The molecular defects underlying the mutant phenotype was further investigated using mRNA in situ hybridization (ISH). Several ovary-specific genes were tested on paraffin sections bearing comparable morphologies of follicles from 4-month-old WT and Tg ovaries (Figure 7c). Gdf-9 is an oocyte-specific gene that mediates crosstalk between oocytes and GCs. At early follicular stage, Gdf-9 promotes the transition of follicles from primary to secondary stage. In pre-ovulatory follicles, Gdf-9, in conjunction with LH and BMP-15, initiate ovulation of a mature cumulus–oocyte complex.6, 18 However, in the 4-month-old Tg ovaries, Gdf-9 declines to a undetectable level. Ring finger protein 35 (Rnf35) is one of the earliest oocyte-specific genes, whose expression persists upto the blastocyst stage. Overexpression of Umodl1 inactivates Rnf35. Granulosa cell high-mobility group-box protein-1(Gcx-1) encodes a transcription regulator that is specifically expressed in the pituitary and GCs of ovary. Absence of Gcx1indicates that the molecular signature of the Tg GCs has been altered as a result of ‘overdosed' Umodl1. In WT ovaries, spermatogenesis- and oogenesis-specific basic helix-loop-helix1 (NOHLH) is moderately expressed in the CL; whereas its expression was drastically up-regulated in the Tg ovarian cortex. In contrast, the anti-apoptotic gene Bcl-2 like-10 (Bcl2l10) remains unchanged in the mutant oocyte, suggesting a self-protective mechanism adopted by the degenerating oocytes. These ISH data, in combination with the dynamic expression of PPARγ (Figure 6h), clearly indicate that the molecular signature of the Tg ovarian cells have already been changed at 4 months of age.

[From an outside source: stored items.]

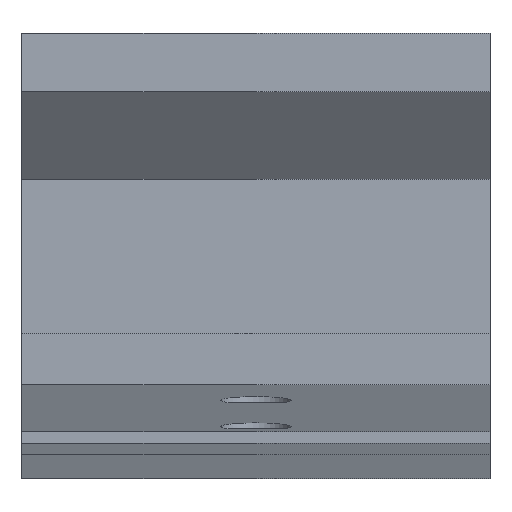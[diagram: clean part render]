
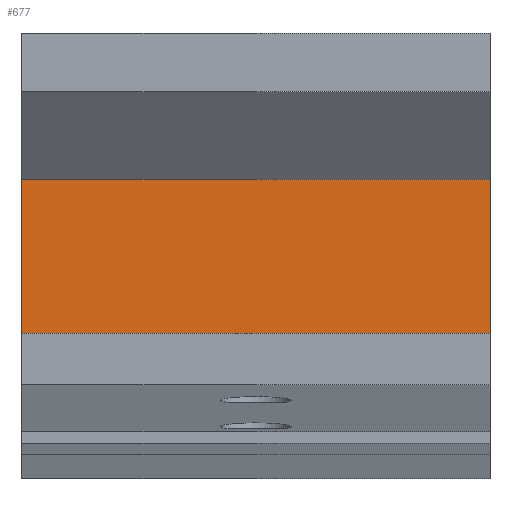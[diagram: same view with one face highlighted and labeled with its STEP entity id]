
A CAD part, top view. The second image highlights one B-rep face of the part: STEP entity #677.
In plain terms, the highlighted planar face has unit normal (0, 0, 1).
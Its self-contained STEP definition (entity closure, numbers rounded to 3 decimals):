
#32 = PLANE('',#33);
#33 = AXIS2_PLACEMENT_3D('',#34,#35,#36);
#34 = CARTESIAN_POINT('',(1.,-1.855,13.25));
#35 = DIRECTION('',(1.,-0.,-0.));
#36 = DIRECTION('',(0.,0.,-1.));
#281 = VERTEX_POINT('',#282);
#282 = CARTESIAN_POINT('',(1.,-3.193,-9.95));
#296 = PLANE('',#297);
#297 = AXIS2_PLACEMENT_3D('',#298,#299,#300);
#298 = CARTESIAN_POINT('',(1.,3.87,57.25));
#299 = DIRECTION('',(-0.,-0.995,0.105));
#300 = DIRECTION('',(0.,0.105,0.995));
#308 = EDGE_CURVE('',#281,#309,#311,.T.);
#309 = VERTEX_POINT('',#310);
#310 = CARTESIAN_POINT('',(1.,4.457,-9.95));
#311 = SURFACE_CURVE('',#312,(#316,#323),.PCURVE_S1.);
#312 = LINE('',#313,#314);
#313 = CARTESIAN_POINT('',(1.,-3.777,-9.95));
#314 = VECTOR('',#315,1.);
#315 = DIRECTION('',(-0.,1.,-0.));
#316 = PCURVE('',#32,#317);
#317 = DEFINITIONAL_REPRESENTATION('',(#318),#322);
#318 = LINE('',#319,#320);
#319 = CARTESIAN_POINT('',(23.2,-1.923));
#320 = VECTOR('',#321,1.);
#321 = DIRECTION('',(-0.,1.));
#322 = ( GEOMETRIC_REPRESENTATION_CONTEXT(2) 
PARAMETRIC_REPRESENTATION_CONTEXT() REPRESENTATION_CONTEXT('2D SPACE',''
  ) );
#323 = PCURVE('',#324,#329);
#324 = PLANE('',#325);
#325 = AXIS2_PLACEMENT_3D('',#326,#327,#328);
#326 = CARTESIAN_POINT('',(1.,-3.777,-9.95));
#327 = DIRECTION('',(-0.,-0.,-1.));
#328 = DIRECTION('',(0.,-1.,0.));
#329 = DEFINITIONAL_REPRESENTATION('',(#330),#334);
#330 = LINE('',#331,#332);
#331 = CARTESIAN_POINT('',(-0.,0.));
#332 = VECTOR('',#333,1.);
#333 = DIRECTION('',(-1.,0.));
#334 = ( GEOMETRIC_REPRESENTATION_CONTEXT(2) 
PARAMETRIC_REPRESENTATION_CONTEXT() REPRESENTATION_CONTEXT('2D SPACE',''
  ) );
#352 = PLANE('',#353);
#353 = AXIS2_PLACEMENT_3D('',#354,#355,#356);
#354 = CARTESIAN_POINT('',(1.,29.5,57.25));
#355 = DIRECTION('',(-0.,-0.937,0.349));
#356 = DIRECTION('',(0.,0.349,0.937));
#547 = PLANE('',#548);
#548 = AXIS2_PLACEMENT_3D('',#549,#550,#551);
#549 = CARTESIAN_POINT('',(21.,-1.855,13.25));
#550 = DIRECTION('',(1.,-0.,-0.));
#551 = DIRECTION('',(0.,0.,-1.));
#635 = VERTEX_POINT('',#636);
#636 = CARTESIAN_POINT('',(21.,4.457,-9.95));
#657 = EDGE_CURVE('',#635,#309,#658,.T.);
#658 = SURFACE_CURVE('',#659,(#663,#670),.PCURVE_S1.);
#659 = LINE('',#660,#661);
#660 = CARTESIAN_POINT('',(1.,4.457,-9.95));
#661 = VECTOR('',#662,1.);
#662 = DIRECTION('',(-1.,-0.,-0.));
#663 = PCURVE('',#352,#664);
#664 = DEFINITIONAL_REPRESENTATION('',(#665),#669);
#665 = LINE('',#666,#667);
#666 = CARTESIAN_POINT('',(-71.715,0.));
#667 = VECTOR('',#668,1.);
#668 = DIRECTION('',(-0.,1.));
#669 = ( GEOMETRIC_REPRESENTATION_CONTEXT(2) 
PARAMETRIC_REPRESENTATION_CONTEXT() REPRESENTATION_CONTEXT('2D SPACE',''
  ) );
#670 = PCURVE('',#324,#671);
#671 = DEFINITIONAL_REPRESENTATION('',(#672),#676);
#672 = LINE('',#673,#674);
#673 = CARTESIAN_POINT('',(-8.234,0.));
#674 = VECTOR('',#675,1.);
#675 = DIRECTION('',(-0.,1.));
#676 = ( GEOMETRIC_REPRESENTATION_CONTEXT(2) 
PARAMETRIC_REPRESENTATION_CONTEXT() REPRESENTATION_CONTEXT('2D SPACE',''
  ) );
#677 = ADVANCED_FACE('',(#678),#324,.F.);
#678 = FACE_BOUND('',#679,.T.);
#679 = EDGE_LOOP('',(#680,#681,#704,#725));
#680 = ORIENTED_EDGE('',*,*,#308,.F.);
#681 = ORIENTED_EDGE('',*,*,#682,.F.);
#682 = EDGE_CURVE('',#683,#281,#685,.T.);
#683 = VERTEX_POINT('',#684);
#684 = CARTESIAN_POINT('',(21.,-3.193,-9.95));
#685 = SURFACE_CURVE('',#686,(#690,#697),.PCURVE_S1.);
#686 = LINE('',#687,#688);
#687 = CARTESIAN_POINT('',(1.,-3.193,-9.95));
#688 = VECTOR('',#689,1.);
#689 = DIRECTION('',(-1.,-0.,-0.));
#690 = PCURVE('',#324,#691);
#691 = DEFINITIONAL_REPRESENTATION('',(#692),#696);
#692 = LINE('',#693,#694);
#693 = CARTESIAN_POINT('',(-0.584,0.));
#694 = VECTOR('',#695,1.);
#695 = DIRECTION('',(-0.,1.));
#696 = ( GEOMETRIC_REPRESENTATION_CONTEXT(2) 
PARAMETRIC_REPRESENTATION_CONTEXT() REPRESENTATION_CONTEXT('2D SPACE',''
  ) );
#697 = PCURVE('',#296,#698);
#698 = DEFINITIONAL_REPRESENTATION('',(#699),#703);
#699 = LINE('',#700,#701);
#700 = CARTESIAN_POINT('',(-67.57,0.));
#701 = VECTOR('',#702,1.);
#702 = DIRECTION('',(-0.,1.));
#703 = ( GEOMETRIC_REPRESENTATION_CONTEXT(2) 
PARAMETRIC_REPRESENTATION_CONTEXT() REPRESENTATION_CONTEXT('2D SPACE',''
  ) );
#704 = ORIENTED_EDGE('',*,*,#705,.T.);
#705 = EDGE_CURVE('',#683,#635,#706,.T.);
#706 = SURFACE_CURVE('',#707,(#711,#718),.PCURVE_S1.);
#707 = LINE('',#708,#709);
#708 = CARTESIAN_POINT('',(21.,-3.777,-9.95));
#709 = VECTOR('',#710,1.);
#710 = DIRECTION('',(-0.,1.,-0.));
#711 = PCURVE('',#324,#712);
#712 = DEFINITIONAL_REPRESENTATION('',(#713),#717);
#713 = LINE('',#714,#715);
#714 = CARTESIAN_POINT('',(-0.,-20.));
#715 = VECTOR('',#716,1.);
#716 = DIRECTION('',(-1.,0.));
#717 = ( GEOMETRIC_REPRESENTATION_CONTEXT(2) 
PARAMETRIC_REPRESENTATION_CONTEXT() REPRESENTATION_CONTEXT('2D SPACE',''
  ) );
#718 = PCURVE('',#547,#719);
#719 = DEFINITIONAL_REPRESENTATION('',(#720),#724);
#720 = LINE('',#721,#722);
#721 = CARTESIAN_POINT('',(23.2,-1.923));
#722 = VECTOR('',#723,1.);
#723 = DIRECTION('',(-0.,1.));
#724 = ( GEOMETRIC_REPRESENTATION_CONTEXT(2) 
PARAMETRIC_REPRESENTATION_CONTEXT() REPRESENTATION_CONTEXT('2D SPACE',''
  ) );
#725 = ORIENTED_EDGE('',*,*,#657,.T.);

Consequently, mice over-expressing Umodl1 are doomed to early follicular depletion and premature ovarian failure.
Discussion
Mice carrying extra Umodl1 alleles delivered normal litter sizes at young age, and then beyond 4 months, litter size decreased rapidly culminating in premature infertility at 6 months of age. Overactive Umodl1 signaling imposed adverse effects initially on the wellness of oocytes themselves, followed by mis-communication between oocytes and GCs. Mis-instructed GCs were more prone to apoptosis or adopting an adipogenic fate. Consequently, as early as 4 months of age, the ovaries lacked well-defined structure typical of CL, and displayed a complete loss of primordial follicles. The few remaining oocyte, enclosed by deranged GCs, were either fragmented or deformed. By 6 months of age, ovarian function failed completely. This study undoubtedly provides another line of evidence to define mechanisms of reproductive function, as well as a putative target for infertility therapy. One may come up with the question: why the overdosed Umodl1 exerted its detrimental effects on ovaries around 4 months of age, instead of even younger age? This may be explained by the stimulatory interaction between Umodl1 and FSH. Our expression data have demonstrated that Umodl1 is positively regulated by FSH in ovary. It has long been confirmed that circulating FSH increases gradually with age in both humans and mice.2, 19, 20, 21 Additionally, lack of proper feed-back inhibitory signals from our ‘defective' Tg ovaries to the hypothalamus-pituitary results in elevated FSH, which may in turn adversely augment the Umodl1-mediated signals. As this stimulatory loop advances, a catastrophic ovarian degeneration becomes inevitable (Figure 8).
Preferential expression of Umodl1 suggests its potential roles in coordinating the functions of neuroendocrine, immune and reproductive systems. Umodl1 is one of the earliest genes expressing in the olfactory epithelium and VNO neurons in mice. Later, its transcripts extend to the olfactory and GnRH neurons (Supplementary Figures 1c–e). Involvement of VNO in reproduction and social behavior has been reported in many species.22, 23, 24 Ablation of VNO-mediated pheromone signaling in mice eliminates the acceleration of puberty, the suppression of estrus cyclicity and pregnancy block to strange males.22, 25, 26 A thymus–pituitary–ovarian axis has been proposed in controlling female fecundity. Congenital athymia or neonatal thymectomy in mice leads to ovarian dysgenesis, premature ovarian failure, and ovarian neoplasia.27, 28 Female patients with thymic aplasia also have dysgenetic ovaries.29 Reciprocally, ablation of ovarian function by ovariectomy results in thymus enlargement due to the cession of estrogen production.30, 31 Moreover, absence of ovarian hormones reprogramed the T-cell repertoire, leading to an increased diversity of T-cell sub-populations. Even though it is clear that thymus disturbances hasten ovarian ageing, until today, the molecular mechanisms linking thymus and gonads are elusive. Umodl1 is a candidate gene that shows an abundant expression in both ovaries and thymic/peripheral T cells upon induction. Our preliminary data on 4-month-old Tg thymuses do show that, aside from a drastic reduction in size and weight, their cellularity is severely compromised (Supplementary Figure 4).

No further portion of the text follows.